Natural Versus Synthetic Vitamins
In most cases, natural and synthetic vitamins and minerals are handled by the body in exactly the same way. A good example of this is the B-complex vitamins, which can be obtained in supplements as “natural” B vitamins (usually from brewer’s yeast or a similar substance) or as purified chemicals and listed on the product label as thiamin (B-1), riboflavin (B-2), niacin (B-3), and so forth. When any of these supplemental sources of B vitamins is consumed, the vitamins are absorbed, transported, and utilized by the body in exactly the same way—so we can say with confidence that there is no difference between natural and synthetic when it comes to B vitamins.
Two interesting exceptions to this rule are folic acid, which is better absorbed in the synthetic form (compared to natural forms found in foods), and vitamin E, which is far superior as the natural form (absorbed and retained in the body two to three times better than synthetic vitamin E).
Brand Name or Generic?
This is one of the most common questions that I get when it comes to multivitamins. People want to know if they can just buy the “grocery store version” to get their daily nutrients. The ultimate answer is really less about generics vs. brand-name products than it is about choosing between supplements that provide “basic” versus “optimal” levels of particular nutrients. Therefore, the answer to this question will depend on two primary factors: How much money can you afford to spend on a supplement, and are you looking for a basic or an optimal supplement?
Many of the generic or private-label store-brand supplements on the market will do a satisfactory job of helping you meet the basic RDA (recommended daily allowance) levels for essential vitamins and minerals. The primary limitation with these generic products, and even with many brand-name supplements, is that the basic RDA levels of most vitamins and minerals fall far below the levels associated with optimal health and certainly below those needed for optimal endurance performance.
With respect to the B vitamins, there is good scientific evidence to support daily intakes at 200-500 percent of RDA levels for optimal stress response and cortisol control. These levels are two to five times higher than the levels found in most multivitamin products.
Calcium and magnesium are two minerals that are known to help regulate the body’s stress response, yet most generic supplements and one-tablet-a-day-type brand-name supplements provide only a small fraction of the 250–500 milligrams (mg) of calcium and the 125–250 mg of magnesium needed to promote a normal stress response. The primary reason for skimping on the calcium and magnesium in these products is not cost (both are very cheap), but rather space considerations in the capsules and tablets. Both calcium and magnesium are bulky minerals—that is, they take up a lot of space—so an optimal daily dosage requires more than a single capsule each day (and sometimes as many as four capsules, depending on the mineral source).
The bottom line here is that everybody should take at least a basic multi-vitamin/multi-mineral supplement (MVMS)—and virtually any product, generic or brand-name, on the shelf at Wal-Mart, Rite-Aid, or your local grocery store will satisfy the basic RDA-level requirements. However, if you are interested in a supplement that delivers more than the rock-bottom levels of nutrients, and if you can afford to spend a little more on your daily supplement regimen, then you will want to consider a MVMS that provides higher levels of B-complex vitamins, calcium, and magnesium.
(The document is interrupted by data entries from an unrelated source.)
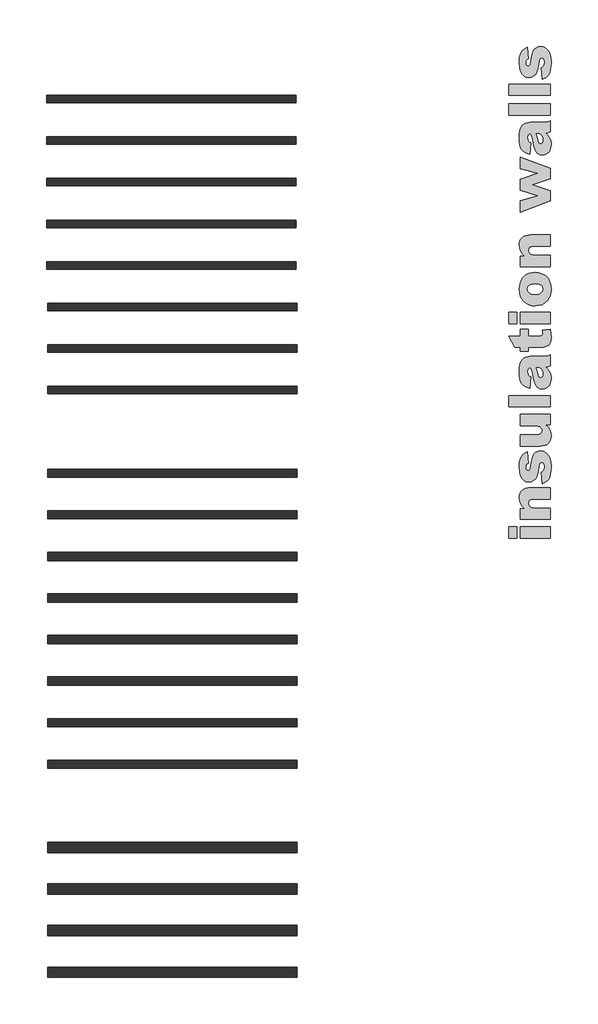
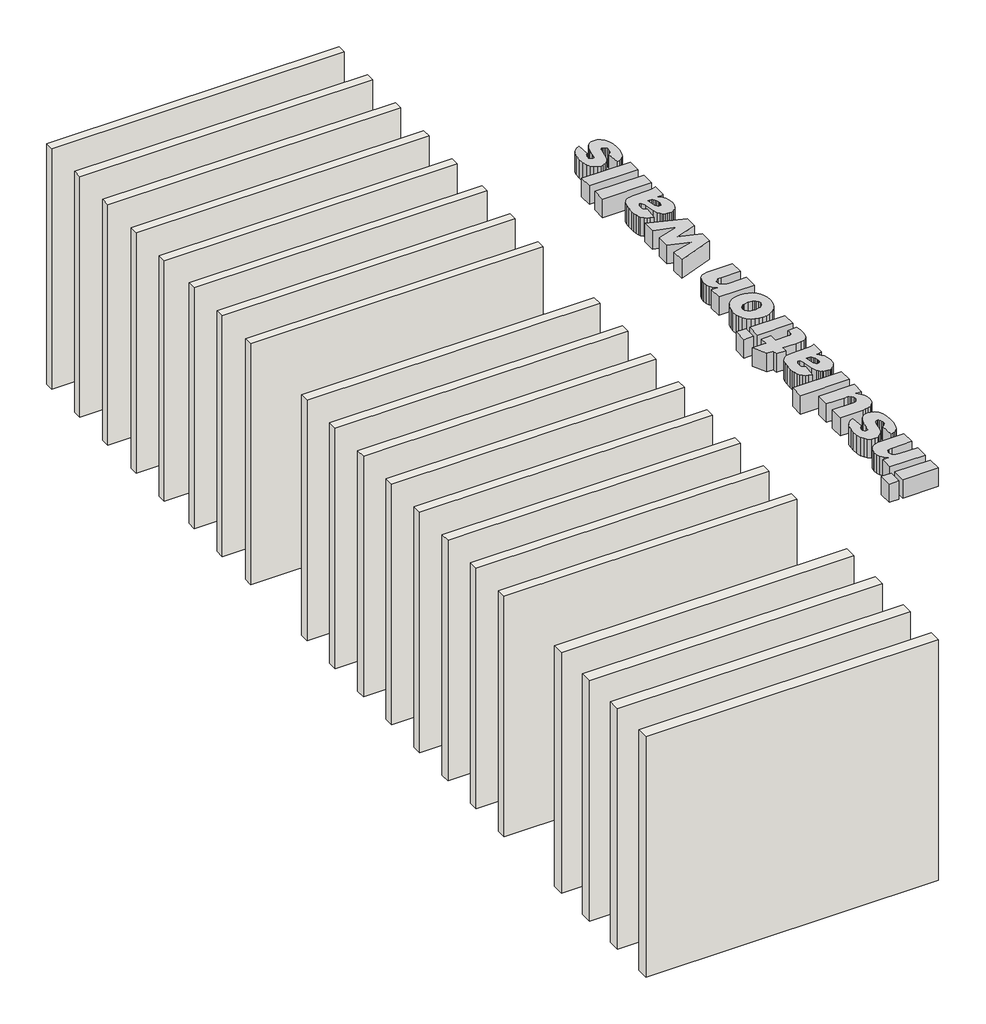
# One storey: 20 walls, 1 proxy.
"""IFC4 building model written with IfcOpenShell, lengths in millimetres."""

from ifc_helpers import new_model, si_unit, origin, origin_with_axes, place, context, project, spatial, polyline, outline, extrude, element, save

model = new_model("IFC4")

# Units and contexts
model_context = context("Model", 3, world=origin())
ifc_project = project(units=[si_unit("LENGTHUNIT", "METRE", prefix="MILLI")], contexts=[model_context])

# Site, building, storey
site = spatial("IfcSite", under=ifc_project)
building = spatial("IfcBuilding", under=site)
storey = spatial("IfcBuildingStorey", under=building, Name="faay_bottom_view_color", Elevation=0.0)

# Proxy
placement = place(None, origin())
element("IfcBuildingElementProxy", 1, Name="500 Arial Black", ObjectType="500 Arial Black", at=placement, inside=storey, context=model_context, shape_type="SweptSolid", body=[
    extrude(outline(polyline([(23393.2683136, 13413.0302828), (23393.2683136, 13550.2851847), (23491.3075293, 13550.2851847), (23491.3075293, 13413.0302828), (23393.2683136, 13413.0302828)])), origin_with_axes(), (0.0, 0.0, 1.0), 200.0),
    extrude(outline(polyline([(23530.5232155, 13413.0302828), (23530.5232155, 13550.2851847), (23893.2683136, 13550.2851847), (23893.2683136, 13413.0302828), (23530.5232155, 13413.0302828)])), origin_with_axes(), (0.0, 0.0, 1.0), 200.0),
    extrude(outline(polyline([(23530.5232155, 13638.5204788), (23530.5232155, 13766.2778318), (23587.9680685, 13766.2778318), (23556.9669962, 13795.5555585), (23536.2677008, 13825.1779543), (23524.6063957, 13858.2087448), (23520.719294, 13897.7116553), (23522.873476, 13925.0218958), (23529.3360219, 13949.2013918), (23540.1069318, 13970.2501434), (23555.1862057, 13988.1681504), (23574.7653265, 14002.4767059), (23599.0357768, 14012.6971026), (23627.9975568, 14018.8293407), (23661.6506665, 14020.87342), (23893.2683136, 14020.87342), (23893.2683136, 13883.6185181), (23691.6751763, 13883.6185181), (23662.2442633, 13880.3633097), (23642.8853479, 13870.5976847), (23632.1431604, 13854.9726847), (23628.5624312, 13834.1393514), (23633.3877989, 13810.5678134), (23647.8639018, 13791.9365328), (23659.4390397, 13784.8660288), (23674.8629827, 13779.8156688), (23717.2572842, 13775.7753808), (23893.2683136, 13775.7753808), (23893.2683136, 13638.5204788), (23530.5232155, 13638.5204788)])), origin_with_axes(), (0.0, 0.0, 1.0), 200.0),
    extrude(outline(polyline([(23795.2290979, 14069.8930279), (23785.4251763, 14207.1479298), (23803.5394533, 14217.2199274), (23815.6028724, 14230.5854298), (23822.3813651, 14248.1252583), (23824.6408626, 14270.7202337), (23821.6920268, 14294.9619617), (23812.8455195, 14313.1528318), (23803.0415979, 14321.8844494), (23791.0930685, 14324.7949886), (23778.0339386, 14322.1525254), (23768.2683136, 14314.2251357), (23761.9493798, 14296.4172313), (23754.3283626, 14258.005773), (23742.3032401, 14196.2334078), (23731.0440489, 14156.7496455), (23716.4147597, 14130.6313857), (23694.279343, 14108.9555279), (23666.5909239, 14094.3645352), (23635.3026273, 14089.500871), (23601.5250538, 14094.7857975), (23572.8026273, 14110.6405769), (23549.9204276, 14135.7439776), (23533.6635342, 14168.7747681), (23523.955354, 14212.1073355), (23520.719294, 14268.1160671), (23523.2277192, 14325.2353992), (23530.752995, 14365.159572), (23543.5440489, 14393.9011467), (23561.8498087, 14417.4726847), (23586.6085403, 14436.6592656), (23618.7585097, 14452.245969), (23628.5624312, 14314.9910671), (23616.3458258, 14309.0550989), (23607.8822842, 14300.1319984), (23601.3335709, 14284.5069984), (23599.1506665, 14265.818273), (23601.1995329, 14248.2018514), (23607.3461322, 14236.1001357), (23616.4415673, 14229.0918636), (23627.336941, 14226.755773), (23638.7876151, 14228.6706014), (23647.0979704, 14234.4150867), (23653.4934974, 14251.6868391), (23659.1996861, 14288.183469), (23668.4291592, 14348.9601234), (23680.7989508, 14391.8905769), (23697.7260342, 14421.9150867), (23720.6273822, 14443.9739102), (23747.7796494, 14457.5308955), (23777.4594901, 14462.0498906), (23808.4031175, 14457.224523), (23838.4276273, 14442.74842), (23864.9862977, 14417.893947), (23885.5324067, 14381.933469), (23898.687278, 14332.9138612), (23903.0722352, 14268.8819984), (23901.3201671, 14221.9687019), (23896.0639631, 14182.3317533), (23887.303623, 14149.9711529), (23875.0391469, 14124.8869004), (23859.5386108, 14105.3652246), (23841.0700905, 14089.6923538), (23819.6335863, 14077.8682883), (23795.2290979, 14069.8930279)])), origin_with_axes(), (0.0, 0.0, 1.0), 200.0),
    extrude(outline(polyline([(23893.2683136, 14903.2263612), (23893.2683136, 14775.0094494), (23835.9766469, 14775.0094494), (23867.0543124, 14745.7891676), (23887.6770146, 14716.3391063), (23899.22343, 14683.4040573), (23903.0722352, 14643.7288122), (23900.9180532, 14616.4903777), (23894.4555072, 14592.3731136), (23883.6845973, 14571.3770199), (23868.6053234, 14553.5020965), (23849.045351, 14539.2270505), (23824.8323454, 14529.0305891), (23795.9663068, 14522.9127123), (23762.4472352, 14520.87342), (23530.5232155, 14520.87342), (23530.5232155, 14658.128322), (23731.8099803, 14658.128322), (23761.2791898, 14661.3835303), (23780.752995, 14671.1491553), (23791.6100722, 14686.7741553), (23795.2290979, 14707.6074886), (23790.4037303, 14730.9875438), (23775.9276273, 14749.657121), (23764.3620636, 14756.794644), (23748.966843, 14761.8928747), (23706.6874312, 14765.9714592), (23530.5232155, 14765.9714592), (23530.5232155, 14903.2263612), (23893.2683136, 14903.2263612)])), origin_with_axes(), (0.0, 0.0, 1.0), 200.0),
    extrude(outline(polyline([(23393.2683136, 14991.4616553), (23393.2683136, 15128.7165573), (23893.2683136, 15128.7165573), (23893.2683136, 14991.4616553), (23393.2683136, 14991.4616553)])), origin_with_axes(), (0.0, 0.0, 1.0), 200.0),
    extrude(outline(polyline([(23657.9741959, 15354.2067533), (23648.1702744, 15216.9518514), (23612.6119104, 15225.951545), (23585.5936812, 15238.2447435), (23564.3199374, 15255.24842), (23545.9950293, 15278.3795475), (23535.3677315, 15300.6107056), (23527.3828969, 15329.9267288), (23522.3851947, 15364.1447129), (23520.719294, 15401.0817533), (23522.4809361, 15456.4585916), (23527.7658626, 15499.7337141), (23538.6037915, 15533.8559568), (23557.024441, 15561.7741553), (23575.7131665, 15577.380007), (23600.8357155, 15589.2710916), (23628.5241347, 15596.7963673), (23654.9104704, 15599.3047926), (23815.7560587, 15599.3047926), (23856.0440489, 15602.5217043), (23893.2683136, 15616.7680279), (23893.2683136, 15485.1810181), (23865.9245636, 15474.8409445), (23836.4362057, 15470.0155769), (23864.9671494, 15443.7441308), (23884.0771371, 15417.625871), (23898.3234606, 15379.0612264), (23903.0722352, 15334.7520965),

When it comes to selecting herbal supplements, the situation can quickly get very confusing. Because herbals are really a form of natural medicine, it is crucial that you select the right form of the herb so that you get the safest and most effective product. Herbal supplements are an area in which generic products are not equivalent to brand-name products. It is vitally important to select either the exact product that has been used in clinical studies, or a product that contains a chemically equivalent form of the herb that has been studied. The easiest way for most consumers to select a safe and effective herb is to select only those extracts that have been “standardized” to provide a uniform level of the key active ingredients in each batch of the product. The best scenario would be to select only those specific products that have undergone clinical studies of their own and in endurance athletes (rather than selecting products that contain ingredients on which studies have been conducted)—but there are far fewer finished products that have been subjected to clinical testing than there are raw ingredients (cordyceps, rhodiola, glucosamine etc.) that have been evaluated in such research.
Where to Buy Supplements?
The preceding three points should offer enough general guidance to help you weed through the many less desirable supplement products on the market and select products that can make a difference in your overall health. With the explosive growth in the supplement market over the past decade, consumers can now find vitamins, minerals, herbs, and other supplements for sale in a variety of places—including specialty supplement stores, natural-foods stores, drugstores, grocery stores, discount department stores, and through direct marketing, infomercials, catalog sales, and the Internet. Are any of these outlets “better” than the others? Not really—but each has its own particular niche.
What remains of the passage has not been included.